**WORK REQUEST:** Say how many of the lines below include the word "records". Only the number should be given.

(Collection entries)
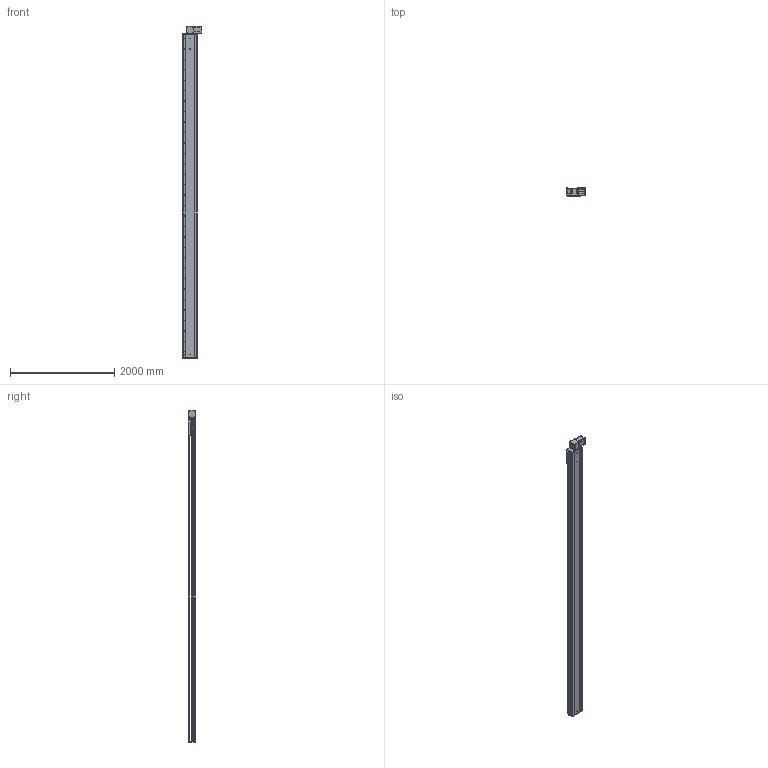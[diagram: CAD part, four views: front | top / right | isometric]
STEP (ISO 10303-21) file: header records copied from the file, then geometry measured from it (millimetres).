
FILE_DESCRIPTION (( 'STEP AP214' ), '1' );
FILE_NAME ('RTB28S-XX-5750-BL-M100-XX-C4.STEP', '2025-12-22T02:58:17', ( '' ), ( '' ), 'SwSTEP 2.0', 'SolidWorks 2018', '' );
FILE_SCHEMA (( 'AUTOMOTIVE_DESIGN' ));
Length unit declared in the file: millimetre
Products named in the file (4): RTB28S-GY-004^RTB28S-XX-XX-BL-M100-XX-C4; RTB28S-XX-5750-BL-M100-XX-C4; RTB28S-GY-008^RTB28S-XX-XX-BL-M100-XX-C4; RTB28S-GY-011^RTB28S-XX-XX-BL-M100-XX-C4
Assembly tree (3 placements, depth 2):
  RTB28S-XX-5750-BL-M100-XX-C4
    RTB28S-GY-011^RTB28S-XX-XX-BL-M100-XX-C4
    RTB28S-GY-004^RTB28S-XX-XX-BL-M100-XX-C4
    RTB28S-GY-008^RTB28S-XX-XX-BL-M100-XX-C4
Bounding box: 380.7 x 145 x 6357 mm (x, y, z)
Volume: 104411641.6 mm3; surface area: 9612994.8 mm2
Topology: 3 solids, 4 shells, 1028 faces, 2808 edges, 1808 vertices
Faces by surface type: cylinder 551, plane 393, cone 80, torus 4
Entity records: 41177 total; most frequent: CARTESIAN_POINT 8602, DIRECTION 6006, ORIENTED_EDGE 5552, EDGE_CURVE 2776, AXIS2_PLACEMENT_3D 2268, VERTEX_POINT 1808, VECTOR 1470, LINE 1470

**RESULT OF THE EXERCISE:** 2